Index Spammers and Google bombing

SEARCH AND DESTROY
by James Surowiecki

From the New Yorker, Talk of the Town
Issue of 2004-05-31
Posted 2004-05-24

If you go to the Internet search engine Google, type in “miserable failure,” and click on the “I’m feeling lucky” icon, you will be directed not to an article about “Ishtar” or the 1962 Mets but, rather, to the White House Web site and the official biography of President George W. Bush. Congratulations. You’ve been Google-bombed.

A Google bomb goes off when people conspire to have a particular phrase (in this case, “miserable failure”) link to a given Web page, effectively tying the phrase to the page. Other famous Google bombs include one linking “more evil than Satan himself” to Microsoft’s home page and, currently, one that links “weapons of mass destruction” to a page that reads, “The weapons you are looking for are currently unavailable. . . . Click the Regime Change button, or try again later.”

Google bombing may be a party trick, something to amuse office workers as they trudge through the day, but it exemplifies one of the biggest challenges that Google faces as it heads toward its multibillion-dollar I.P.O. Google is as much a ranking system as a search engine. It is more efficient than any other site at analyzing information and making decisions about its importance. Google is successful not because if you search for “Enron” it will return 1.75 million pages that contain the word but because, of those 1.75 million, the most relevant are right at the top. In large part, Google does this by relying on the collective intelligence of the Web itself. At the core of Google’s technology is a voting system. Every link from one Web site to another is treated as a vote; sites that get more votes are considered more valuable and, in Google’s system, are weighted to have more influence. Google also takes hundreds of other factors into consideration, such as font size and the location of words on the page. But, fundamentally, the Web pages that Google says are best are the pages that the Web as a whole thinks are best.

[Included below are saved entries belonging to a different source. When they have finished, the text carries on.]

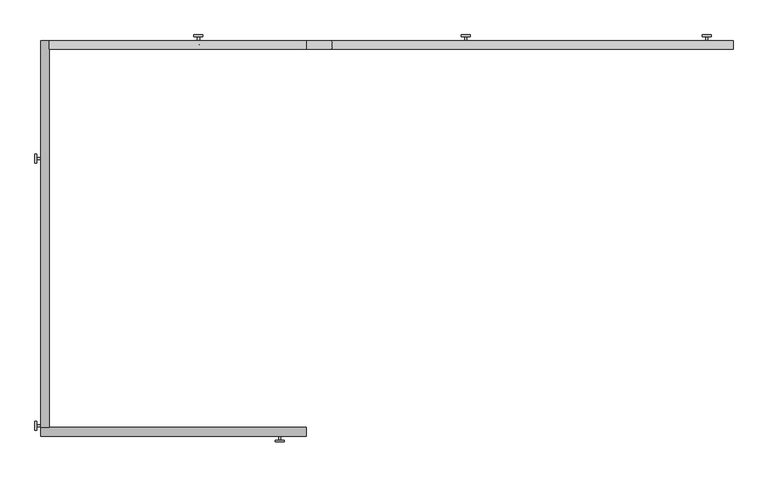
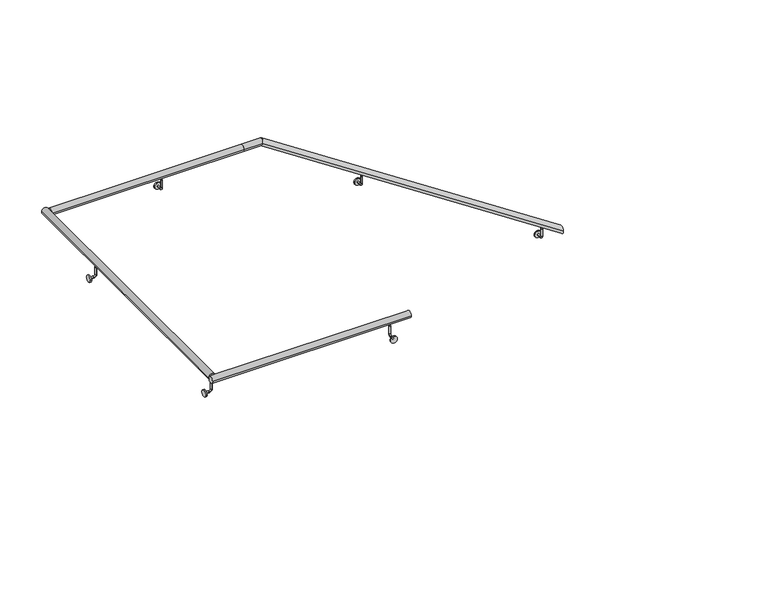
"""IFC4 building model written with IfcOpenShell, lengths in millimetres: railing geometry."""

from ifc_helpers import new_model, si_unit, point, frame, frame_2d, origin, place, context, project, spatial, circle_curve, ellipse_curve, trimmed, segment, composite_curve, outline, extrude, source, transform, mapped, element, save
from ifc_brep_helpers import plane_surface, cylinder_surface, revolved_surface, advanced_brep


def railing_9a7f1ff8(model_context):
    return source(origin(), model_context, "Body", "SolidModel", [
        advanced_brep(
        [(-47571.8499394, -5172.6994487, 1246.5391039), (-47571.8499394, -5122.6994487, 1246.5391039), (-49859.4499252, -5172.6994487, 2752.7777778), (-49859.4499252, -5122.6994487, 2752.7777778), (-50001.8499394, -5172.6994487, 2752.7777778), (-50001.8499394, -5122.6994487, 2752.7777778)],
        [
            (0, 1, ellipse_curve(frame((-47571.8499394, -5147.6994487, 1246.5391039), z_axis=(1.0, 0.0, 0.0), x_axis=(0.0, 0.0, -1.0)), 29.9326144, 25.0)),
            (1, 0, ellipse_curve(frame((-47571.8499394, -5147.6994487, 1246.5391039), z_axis=(1.0, 0.0, 0.0), x_axis=(0.0, 0.0, -1.0)), 29.9326144, 25.0)),
            (0, 2),
            (2, 3, ellipse_curve(frame((-49859.4499252, -5147.6994487, 2752.7777778), z_axis=(0.9579168464509247, 0.0, -0.28704584178405307), x_axis=(-0.2870458417840529, 0.0, -0.9579168464509247)), 26.0982987, 25.0)),
            (3, 1),
            (3, 2, ellipse_curve(frame((-49859.4499252, -5147.6994487, 2752.7777778), z_axis=(0.9579168464509247, 0.0, -0.28704584178405307), x_axis=(-0.2870458417840529, 0.0, -0.9579168464509247)), 26.0982987, 25.0)),
            (4, 5, circle_curve(frame((-50001.8499394, -5147.6994487, 2752.7777778), z_axis=(-1.0, 0.0, 0.0), x_axis=(0.0, 1.0, 0.0)), 25.0)),
            (5, 4, circle_curve(frame((-50001.8499394, -5147.6994487, 2752.7777778), z_axis=(-1.0, 0.0, 0.0), x_axis=(0.0, 1.0, 0.0)), 25.0)),
            (2, 4),
            (5, 3),
        ],
        [
            plane_surface(frame((-47571.8499394, -5147.6994487, 1276.4717183), z_axis=(1.0, 0.0, 0.0), x_axis=(0.0, -1.0, 0.0))),
            cylinder_surface(frame((-47585.5982417, -5147.6994487, 1255.5914841), z_axis=(0.8352093694289688, 0.0, -0.5499320950972624), x_axis=(0.0, 1.0, 0.0)), 25.0),
            plane_surface(frame((-50001.8499394, -5147.6994487, 2777.7777778), z_axis=(-1.0, 0.0, 0.0), x_axis=(0.0, -1.0, 0.0))),
            cylinder_surface(frame((-49851.9585171, -5147.6994487, 2752.7777778), z_axis=(1.0, 0.0, 0.0), x_axis=(0.0, 1.0, 0.0)), 25.0),
        ],
        [
            (0, [[1, 2]]),
            (1, [[-1, 3, 4, 5]]),
            (1, [[-2, -5, 6, -3]]),
            (2, [[7, 8]]),
            (3, [[-4, 9, -8, 10]]),
            (3, [[-6, -10, -7, -9]]),
        ],
    ),
        advanced_brep(
        [(-50001.8499394, -5172.6994487, 2752.7777778), (-50001.8499394, -5122.6994487, 2752.7777778), (-51463.5128792, -5172.6994487, 2752.7777778), (-51463.5128792, -5122.6994487, 2752.7777778)],
        [
            (0, 1, circle_curve(frame((-50001.8499394, -5147.6994487, 2752.7777778), z_axis=(1.0, 0.0, 0.0), x_axis=(0.0, 1.0, 0.0)), 25.0)),
            (1, 0, circle_curve(frame((-50001.8499394, -5147.6994487, 2752.7777778), z_axis=(1.0, 0.0, 0.0), x_axis=(0.0, 1.0, 0.0)), 25.0)),
            (2, 3, circle_curve(frame((-51463.5128792, -5147.6994487, 2752.7777778), z_axis=(-1.0, 0.0, 0.0), x_axis=(0.0, 1.0, 0.0)), 25.0)),
            (3, 2, circle_curve(frame((-51463.5128792, -5147.6994487, 2752.7777778), z_axis=(-1.0, 0.0, 0.0), x_axis=(0.0, 1.0, 0.0)), 25.0)),
            (0, 2),
            (3, 1),
        ],
        [
            plane_surface(frame((-50001.8499394, -5147.6994487, 2777.7777778), z_axis=(1.0, 0.0, 0.0), x_axis=(0.0, -1.0, 0.0))),
            plane_surface(frame((-51463.5128792, -5147.6994487, 2777.7777778), z_axis=(-1.0, 0.0, 0.0), x_axis=(0.0, -1.0, 0.0))),
            cylinder_surface(frame((-50001.8499394, -5147.6994487, 2752.7777778), z_axis=(1.0, 0.0, 0.0), x_axis=(0.0, 1.0, 0.0)), 25.0),
        ],
        [
            (0, [[1, 2]]),
            (1, [[3, 4]]),
            (2, [[-1, 5, -4, 6]]),
            (2, [[-2, -6, -3, -5]]),
        ],
    ),
        advanced_brep(
        [(-51463.5128792, -5122.6994487, 2752.7777778), (-51513.5128792, -5122.6994487, 2752.7777778), (-51463.5128792, -7327.4994487, 2752.7777778), (-51513.5128792, -7327.4994487, 2752.7777778)],
        [
            (0, 1, circle_curve(frame((-51488.5128792, -5122.6994487, 2752.7777778), z_axis=(0.0, 1.0, 0.0), x_axis=(-1.0, 0.0, 0.0)), 25.0)),
            (1, 0, circle_curve(frame((-51488.5128792, -5122.6994487, 2752.7777778), z_axis=(0.0, 1.0, 0.0), x_axis=(-1.0, 0.0, 0.0)), 25.0)),
            (2, 3, circle_curve(frame((-51488.5128792, -7327.4994487, 2752.7777778), z_axis=(0.0, -1.0, 0.0), x_axis=(-1.0, 0.0, 0.0)), 25.0)),
            (3, 2, circle_curve(frame((-51488.5128792, -7327.4994487, 2752.7777778), z_axis=(0.0, -1.0, 0.0), x_axis=(-1.0, 0.0, 0.0)), 25.0)),
            (0, 2),
            (3, 1),
        ],
        [
            plane_surface(frame((-51488.5128792, -5122.6994487, 2777.7777778), z_axis=(0.0, 1.0, 0.0), x_axis=(0.0, 0.0, -1.0))),
            plane_surface(frame((-51488.5128792, -7327.4994487, 2777.7777778), z_axis=(0.0, -1.0, 0.0), x_axis=(0.0, 0.0, -1.0))),
            cylinder_surface(frame((-51488.5128792, -5122.6994487, 2752.7777778), z_axis=(0.0, 1.0, 0.0), x_axis=(-1.0, 0.0, 0.0)), 25.0),
        ],
        [
            (0, [[1, 2]]),
            (1, [[3, 4]]),
            (2, [[-1, 5, -4, 6]]),
            (2, [[-2, -6, -3, -5]]),
        ],
    ),
        advanced_brep(
        [(-51513.5128792, -7327.4994487, 2752.7777778), (-51513.5128792, -7377.4994487, 2752.7777778), (-50001.8499394, -7327.4994487, 2752.7777778), (-50001.8499394, -7377.4994487, 2752.7777778)],
        [
            (0, 1, circle_curve(frame((-51513.5128792, -7352.4994487, 2752.7777778), z_axis=(-1.0, 0.0, 0.0), x_axis=(0.0, -1.0, 0.0)), 25.0)),
            (1, 0, circle_curve(frame((-51513.5128792, -7352.4994487, 2752.7777778), z_axis=(-1.0, 0.0, 0.0), x_axis=(0.0, -1.0, 0.0)), 25.0)),
            (2, 3, circle_curve(frame((-50001.8499394, -7352.4994487, 2752.7777778), z_axis=(1.0, 0.0, 0.0), x_axis=(0.0, -1.0, 0.0)), 25.0)),
            (3, 2, circle_curve(frame((-50001.8499394, -7352.4994487, 2752.7777778), z_axis=(1.0, 0.0, 0.0), x_axis=(0.0, -1.0, 0.0)), 25.0)),
            (0, 2),
            (3, 1),
        ],
        [
            plane_surface(frame((-51513.5128792, -7352.4994487, 2777.7777778), z_axis=(-1.0, 0.0, 0.0), x_axis=(0.0, 1.0, 0.0))),
            plane_surface(frame((-50001.8499394, -7352.4994487, 2777.7777778), z_axis=(1.0, 0.0, 0.0), x_axis=(0.0, 1.0, 0.0))),
            cylinder_surface(frame((-51513.5128792, -7352.4994487, 2752.7777778), z_axis=(-1.0, 0.0, 0.0), x_axis=(0.0, -1.0, 0.0)), 25.0),
        ],
        [
            (0, [[1, 2]]),
            (1, [[3, 4]]),
            (2, [[-1, 5, -4, 6]]),
            (2, [[-2, -6, -3, -5]]),
        ],
    ),
        advanced_brep(
        [(-51488.5128792, -7311.1872126, 2708.7277778), (-51488.5128792, -7323.8872126, 2708.7277778), (-51488.5128792, -7311.1872126, 2651.5777778), (-51488.5128792, -7323.8872126, 2651.5777778), (-51507.5628792, -7323.8872126, 2632.5277778), (-51507.5628792, -7311.1872126, 2632.5277778), (-51536.1378792, -7311.1872126, 2632.5277778), (-51536.1378792, -7323.8872126, 2632.5277778)],
        [
            (0, 1, circle_curve(frame((-51488.5128792, -7317.5372126, 2708.7277778), z_axis=(0.0, 0.0, 1.0), x_axis=(0.0, -1.0, 0.0)), 6.35)),
            (1, 0, circle_curve(frame((-51488.5128792, -7317.5372126, 2708.7277778), z_axis=(0.0, 0.0, 1.0), x_axis=(0.0, -1.0, 0.0)), 6.35)),
            (0, 2),
            (2, 3, circle_curve(frame((-51488.5128792, -7317.5372126, 2651.5777778), z_axis=(0.0, 0.0, 1.0), x_axis=(0.0, -1.0, 0.0)), 6.35)),
            (3, 1),
            (3, 2, circle_curve(frame((-51488.5128792, -7317.5372126, 2651.5777778), z_axis=(0.0, 0.0, 1.0), x_axis=(0.0, -1.0, 0.0)), 6.35)),
            (4, 3, circle_curve(frame((-51507.5628792, -7323.8872126, 2651.5777778), z_axis=(0.0, -1.0, 0.0), x_axis=(1.0, 0.0, 0.0)), 19.05)),
            (2, 5, circle_curve(frame((-51507.5628792, -7311.1872126, 2651.5777778), z_axis=(0.0, 1.0, 0.0), x_axis=(1.0, 0.0, 0.0)), 19.05)),
            (5, 4, circle_curve(frame((-51507.5628792, -7317.5372126, 2632.5277778), z_axis=(1.0, 0.0, 0.0), x_axis=(0.0, -1.0, 0.0)), 6.35)),
            (4, 5, circle_curve(frame((-51507.5628792, -7317.5372126, 2632.5277778), z_axis=(1.0, 0.0, 0.0), x_axis=(0.0, -1.0, 0.0)), 6.35)),
            (6, 7, circle_curve(frame((-51536.1378792, -7317.5372126, 2632.5277778), z_axis=(-1.0, 0.0, 0.0), x_axis=(0.0, -1.0, 0.0)), 6.35)),
            (7, 6, circle_curve(frame((-51536.1378792, -7317.5372126, 2632.5277778), z_axis=(-1.0, 0.0, 0.0), x_axis=(0.0, -1.0, 0.0)), 6.35)),
            (5, 6),
            (7, 4),
        ],
        [
            plane_surface(frame((-51488.5128792, -7323.8872126, 2708.7277778), z_axis=(0.0, 0.0, 1.0), x_axis=(-1.0, 0.0, 0.0))),
            cylinder_surface(frame((-51488.5128792, -7317.5372126, 2708.7277778), z_axis=(0.0, 0.0, 1.0), x_axis=(0.0, -1.0, 0.0)), 6.35),
            revolved_surface(trimmed(ellipse_curve(frame((-51488.5128792, -7317.5372126, 2651.5777778), z_axis=(0.0, 0.0, 1.0), x_axis=(0.0, -1.0, 0.0)), 6.35, 6.35), [point((-51488.5128792, -7311.1872126, 2651.5777778))], [point((-51488.5128792, -7323.8872126, 2651.5777778))], True, "CARTESIAN"), (-51507.5628792, -7317.5372126, 2651.5777778), (0.0, 1.0, 0.0)),
            revolved_surface(trimmed(ellipse_curve(frame((-51488.5128792, -7317.5372126, 2651.5777778), z_axis=(0.0, 0.0, 1.0), x_axis=(0.0, -1.0, 0.0)), 6.35, 6.35), [point((-51488.5128792, -7323.8872126, 2651.5777778))], [point((-51488.5128792, -7311.1872126, 2651.5777778))], True, "CARTESIAN"), (-51507.5628792, -7317.5372126, 2651.5777778), (0.0, 1.0, 0.0)),
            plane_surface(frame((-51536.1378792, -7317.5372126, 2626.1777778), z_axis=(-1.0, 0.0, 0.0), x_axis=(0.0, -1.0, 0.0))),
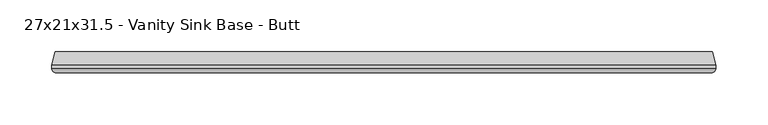
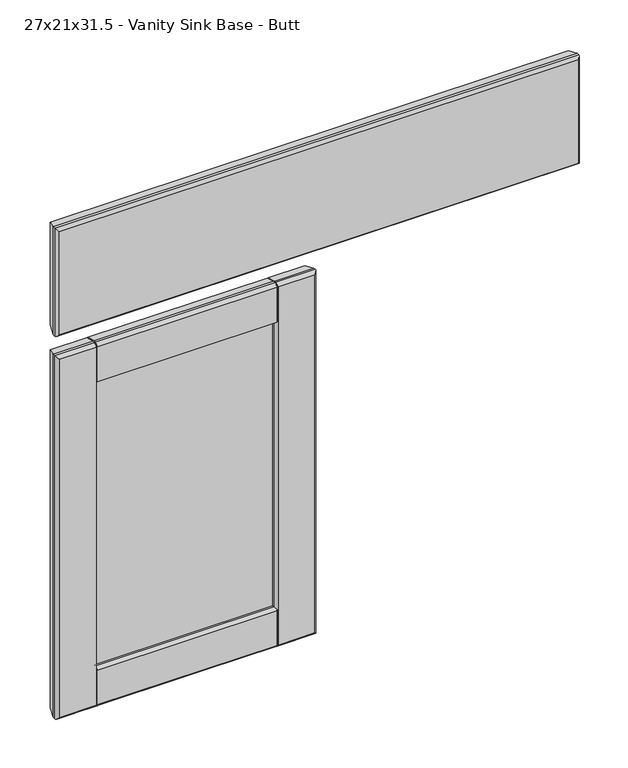
"""IFC4 building model written with IfcOpenShell, lengths in millimetres: furniture geometry, Cabinet-Base-Merillat-Double_Door-Marlin : 27x21x31.5 - Vanity Sink Base - Butt."""

from ifc_helpers import new_model, si_unit, frame, origin, place, context, project, spatial, polyline, circle_curve, ellipse_curve, outline, extrude, source, transform, mapped, element, save
from ifc_brep_helpers import plane_surface, cylinder_surface, advanced_brep


def furniture_27x21x31_5_vanity_sink_base_butt_8131d798(model_context):
    return source(origin(), model_context, "Body", "SolidModel", [
        advanced_brep(
        [(-298.8408026, -629.92, 771.6035075), (-298.8408026, -629.92, 638.0964925), (336.3162124, -629.92, 638.0964925), (336.3162124, -629.92, 771.6035075), (-298.4320951, -609.6, 638.5052), (-298.4320951, -609.6, 771.1948), (335.9075049, -609.6, 771.1948), (335.9075049, -609.6, 638.5052), (-301.9372951, -625.4496, 774.7), (-301.9372951, -622.681, 774.7), (-301.9372951, -622.681, 635.0), (-301.9372951, -625.4496, 635.0), (339.4127049, -622.681, 635.0), (339.4127049, -625.4496, 635.0), (339.4127049, -622.681, 774.7), (339.4127049, -625.4496, 774.7)],
        [
            (0, 1),
            (1, 2),
            (2, 3),
            (3, 0),
            (4, 5),
            (5, 6),
            (6, 7),
            (7, 4),
            (8, 9),
            (9, 10),
            (10, 11),
            (11, 8),
            (10, 12),
            (12, 13),
            (13, 11),
            (12, 14),
            (14, 15),
            (15, 13),
            (8, 15),
            (14, 9),
            (11, 1, ellipse_curve(frame((-297.1620951, -625.4496, 639.7752), z_axis=(-0.7071067811865475, 0.0, 0.7071067811865475), x_axis=(-0.7071067811865474, 0.0, -0.7071067811865476)), 6.7531526, 4.7752)),
            (0, 8, ellipse_curve(frame((-297.1620951, -625.4496, 769.9248), z_axis=(-0.7071067811865475, 0.0, -0.7071067811865475), x_axis=(0.7071067811865474, 0.0, -0.7071067811865476)), 6.7531526, 4.7752)),
            (4, 10),
            (9, 5),
            (13, 2, ellipse_curve(frame((334.6375049, -625.4496, 639.7752), z_axis=(-0.7071067811865475, 0.0, -0.7071067811865475), x_axis=(0.7071067811865476, 0.0, -0.7071067811865474)), 6.7531526, 4.7752)),
            (7, 12),
            (15, 3, ellipse_curve(frame((334.6375049, -625.4496, 769.9248), z_axis=(0.7071067811865475, 0.0, -0.7071067811865475), x_axis=(0.7071067811865474, 0.0, 0.7071067811865476)), 6.7531526, 4.7752)),
            (6, 14),
        ],
        [
            plane_surface(frame((-301.9372951, -629.92, 774.7), z_axis=(0.0, -1.0, 0.0), x_axis=(0.0, 0.0, -1.0))),
            plane_surface(frame((-301.9372951, -609.6, 774.7), z_axis=(0.0, 1.0, 0.0), x_axis=(0.0, 0.0, 1.0))),
            plane_surface(frame((-301.9372951, -629.92, 774.7), z_axis=(-1.0, 0.0, 0.0), x_axis=(0.0, 1.0, 0.0))),
            plane_surface(frame((-301.9372951, -629.92, 635.0), z_axis=(0.0, 0.0, -1.0), x_axis=(0.0, 1.0, 0.0))),
            plane_surface(frame((339.4127049, -629.92, 635.0), z_axis=(1.0, 0.0, 0.0), x_axis=(0.0, 1.0, 0.0))),
            plane_surface(frame((339.4127049, -629.92, 774.7), z_axis=(0.0, 0.0, 1.0), x_axis=(0.0, 1.0, 0.0))),
            cylinder_surface(frame((-297.1620951, -625.4496, 774.7), z_axis=(0.0, 0.0, -1.0), x_axis=(0.0, 1.0, 0.0)), 4.7752),
            plane_surface(frame((-301.9372951, -622.681, 774.7), z_axis=(-0.9659229350723619, 0.25882983502910506, 0.0), x_axis=(0.0, 0.0, -1.0))),
            cylinder_surface(frame((-301.9372951, -625.4496, 639.7752), z_axis=(1.0, 0.0, 0.0), x_axis=(0.0, 1.0, 0.0)), 4.7752),
            plane_surface(frame((-301.9372951, -622.681, 635.0), z_axis=(0.0, 0.25882983502910506, -0.9659229350723619), x_axis=(1.0, 0.0, 0.0))),
            cylinder_surface(frame((334.6375049, -625.4496, 635.0), z_axis=(0.0, 0.0, 1.0), x_axis=(0.0, 1.0, 0.0)), 4.7752),
            plane_surface(frame((339.4127049, -622.681, 635.0), z_axis=(0.9659229350723619, 0.25882983502910506, 0.0), x_axis=(0.0, 0.0, 1.0))),
            cylinder_surface(frame((339.4127049, -625.4496, 769.9248), z_axis=(-1.0, 0.0, 0.0), x_axis=(0.0, 1.0, 0.0)), 4.7752),
            plane_surface(frame((339.4127049, -622.681, 774.7), z_axis=(0.0, 0.25882983502910506, 0.9659229350723619), x_axis=(-1.0, 0.0, 0.0))),
        ],
        [
            (0, [[1, 2, 3, 4]]),
            (1, [[5, 6, 7, 8]]),
            (2, [[9, 10, 11, 12]]),
            (3, [[-11, 13, 14, 15]]),
            (4, [[-14, 16, 17, 18]]),
            (5, [[-9, 19, -17, 20]]),
            (6, [[21, -1, 22, -12]]),
            (7, [[23, -10, 24, -5]]),
            (8, [[-21, -15, 25, -2]]),
            (9, [[-23, -8, 26, -13]]),
            (10, [[-25, -18, 27, -3]]),
            (11, [[-26, -7, 28, -16]]),
            (12, [[-22, -4, -27, -19]]),
            (13, [[-24, -20, -28, -6]]),
        ],
    ),
        advanced_brep(
        [(-301.9372951, -625.4496, 609.6), (-301.9372951, -625.4496, 139.7), (-298.8408026, -629.92, 142.7964925), (-298.8408026, -629.92, 606.5035075), (-301.9372951, -622.681, 609.6), (-301.9372951, -622.681, 139.7), (-298.4320951, -609.6, 606.0948), (-298.4320951, -609.6, 143.2052), (-253.7361323, -609.6, 561.3988372), (-253.3660006, -610.39375, 561.0287055), (-251.2848416, -614.85681, 558.9475465), (-251.2848416, -614.85681, 190.3524535), (-253.3660006, -610.39375, 188.2712945), (-253.7361323, -609.6, 187.9011628), (-252.684611, -617.0969093, 560.347316), (-252.684611, -617.0969093, 188.952684), (-267.0122951, -617.347, 574.675), (-267.0122951, -617.347, 174.625), (-267.0122951, -622.173, 574.675), (-267.0122951, -622.173, 174.625), (-252.684611, -622.4230907, 560.347316), (-252.684611, -622.4230907, 188.952684), (-251.2848416, -624.66319, 558.9475465), (-251.2848416, -624.66319, 190.3524535), (-253.3660006, -629.12625, 561.0287055), (-253.7332649, -629.9138508, 561.3959698), (-253.7361323, -629.92, 187.9011628), (-253.3660006, -629.12625, 188.2712945), (14.0537124, -629.92, 142.7964925), (-31.0140137, -629.92, 142.7964925), (-31.0140137, -625.4496, 139.7), (17.1502049, -625.4496, 139.7), (-253.7332649, -625.4496, 139.7), (-253.7332649, -629.92, 142.7964925), (-252.1457649, -625.4496, 139.7), (-32.6015137, -625.4496, 139.7), (-32.6015137, -629.92, 142.7964925), (-252.1457649, -629.92, 142.7964925), (-31.0140137, -622.681, 139.7), (17.1502049, -622.681, 139.7), (-253.7332649, -622.681, 139.7), (-252.1457649, -622.681, 139.7), (-32.6015137, -622.681, 139.7), (-31.0140137, -609.6, 143.2052), (13.6450049, -609.6, 143.2052), (-252.1457649, -609.6, 143.2052), (-32.6015137, -609.6, 143.2052), (-253.7332649, -609.6, 143.2052), (-33.5022486, -614.85681, 190.3524535), (-31.4210895, -610.39375, 188.2712945), (-32.6015137, -610.39375, 188.2712945), (-32.6015137, -609.6, 187.9011628), (-252.1457649, -609.6, 187.9011628), (-252.1457649, -610.39375, 188.2712945), (-32.1024791, -617.0969093, 188.952684), (-17.7747951, -617.347, 174.625), (-17.7747951, -622.173, 174.625), (-32.1024791, -622.4230907, 188.952684), (-33.5022486, -624.66319, 190.3524535), (-252.1457649, -629.12625, 188.2712945), (-252.1457649, -629.92, 187.9011628), (-32.6015137, -629.92, 187.9011628), (-32.6015137, -629.12625, 188.2712945), (-31.4210895, -629.12625, 188.2712945), (17.1502049, -625.4496, 609.6), (14.0537124, -629.92, 606.5035075), (17.1502049, -622.681, 609.6), (13.6450049, -609.6, 606.0948), (-31.0509578, -609.6, 187.9011628), (-33.5022486, -614.85681, 558.9475465), (-31.4210895, -610.39375, 561.0287055), (-31.0509578, -609.6, 561.3988372), (-32.1024791, -617.0969093, 560.347316), (-17.7747951, -617.347, 574.675), (-17.7747951, -622.173, 574.675), (-32.1024791, -622.4230907, 560.347316), (-33.5022486, -624.66319, 558.9475465), (-31.0509578, -629.92, 187.9011628), (-31.0509578, -629.92, 561.3988372), (-31.4210895, -629.12625, 561.0287055), (-253.7332649, -629.92, 606.5035075), (-253.7332649, -625.4496, 609.6), (-31.0140137, -625.4496, 609.6), (-31.0140137, -629.92, 606.5035075), (-32.6015137, -625.4496, 609.6), (-252.1457649, -625.4496, 609.6), (-252.1457649, -629.92, 606.5035075), (-32.6015137, -629.92, 606.5035075), (-253.7332649, -622.681, 609.6), (-31.0140137, -622.681, 609.6), (-32.6015137, -622.681, 609.6), (-252.1457649, -622.681, 609.6), (-253.7332649, -609.6, 606.0948), (-31.0140137, -609.6, 606.0948), (-32.6015137, -609.6, 606.0948), (-252.1457649, -609.6, 606.0948), (-32.6015137, -609.6, 561.3988372), (-252.1457649, -609.6, 561.3988372), (-252.1457649, -610.39375, 561.0287055), (-32.6015137, -610.39375, 561.0287055), (-32.6015137, -629.12625, 561.0287055), (-32.6015137, -629.92, 561.3988372), (-252.1457649, -629.92, 561.3988372), (-252.1457649, -629.12625, 561.0287055), (-32.6015137, -629.12625, 606.3526052), (-32.6015137, -625.4496, 608.80625), (-32.6015137, -622.7855037, 608.80625), (-32.6015137, -610.39375, 605.4857412), (-31.0140137, -610.39375, 561.0287055), (-31.0140137, -610.39375, 605.4857412), (-31.0140137, -622.7855037, 608.80625), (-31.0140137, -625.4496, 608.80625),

Google’s success has created a problem, though: if you have a voting system, people are going to try to manipulate it. Google bombing is the innocent face of this. Less innocent is the industry dedicated to helping Web sites maximize their Google rankings—the racket known as “search engine optimization.” Some American companies have armies of programmers toiling away in Bangalore solely to boost their Google rankings. Much of what the “optimizers” do is reasonable, helping companies do a better job of presenting content, using keywords, and building pages to which others will want to link. (These are termed “white hat” tactics.) But there are also plenty of black hats—known as “index spammers”—who have simply adapted the methods and tricks of the old political machines.

In the days of Boss Tweed, people were encouraged to vote early and often, dead men were placed on the voting rolls, and citizens were paid for their votes. On the Web, companies “cloak,” which means, among other things, that they disguise the real content of their sites, in an attempt to fool Google into thinking that a page is relevant to a search. Deep-pocketed players pay other sites to link to their sites, to foster an illusion of popularity. Some companies set up “link farms”—a host of interconnected Web sites that exist primarily to link to each other. A big company with a major Internet presence, for instance, can buy thousands of domain names, set up Web sites, and effectively create thousands of links out of nothing.

Google, of course, knows about all this. In its recent I.P.O. filing, it said that the threat from index spammers was “ongoing and increasing,” and so it has embarked on a campaign to outsmart them. A couple of weeks ago, for instance, it essentially banned a company called WhenU because of its cloaking tactics. (WhenU’s web site will no longer appear if you search for the company on Google.) To stymie the cheaters, Google issues periodic revisions to its algorithm, and companies breathlessly await the subsequent changes in their rankings. (They call this “the Google dance.”) These revisions are so important to Web sites that, like hurricanes, they are given names. Web masters still marvel at the havoc wreaked by the Florida revision, last November: “Denial, then anger, gradually changing to acceptance, and, finally, healing,” one wrote.

Google’s efforts to keep its rankings honest have not always been popular. Some people who run Web sites that depend on the traffic that Google sends their way have accused the company of being capricious and unjust. There have even been calls from critics for it to be regulated as a public utility. But attacks on Google are shortsighted. Google is treating index spammers the way Olympic officials treat athletes who use steroids. Think of the Web as a track meet. When the other runners are juiced, it’s hard to keep up with them unless you are, too. Likewise, when people start cloaking or link-farming, those who wish to remain competitive have to consider doing so themselves. This winds up hurting everyone; if Web users think Google isn’t a clean game, eventually they’ll stop playing.

Google works best when no one knows it’s there—when people are making their own decisions about which sites are useful or good. The more important Google becomes, the harder its job gets, because more and more people find themselves trying to game the system, and wind up undermining it instead. When Google purges dubious Web sites and rejects links from link farms, it is, in a sense, counteracting the consequences of its own success. Collective intelligence relies on a certain degree of innocence. Google is using guile to re-create a guileless world, under the assumption that what we don’t know should help us.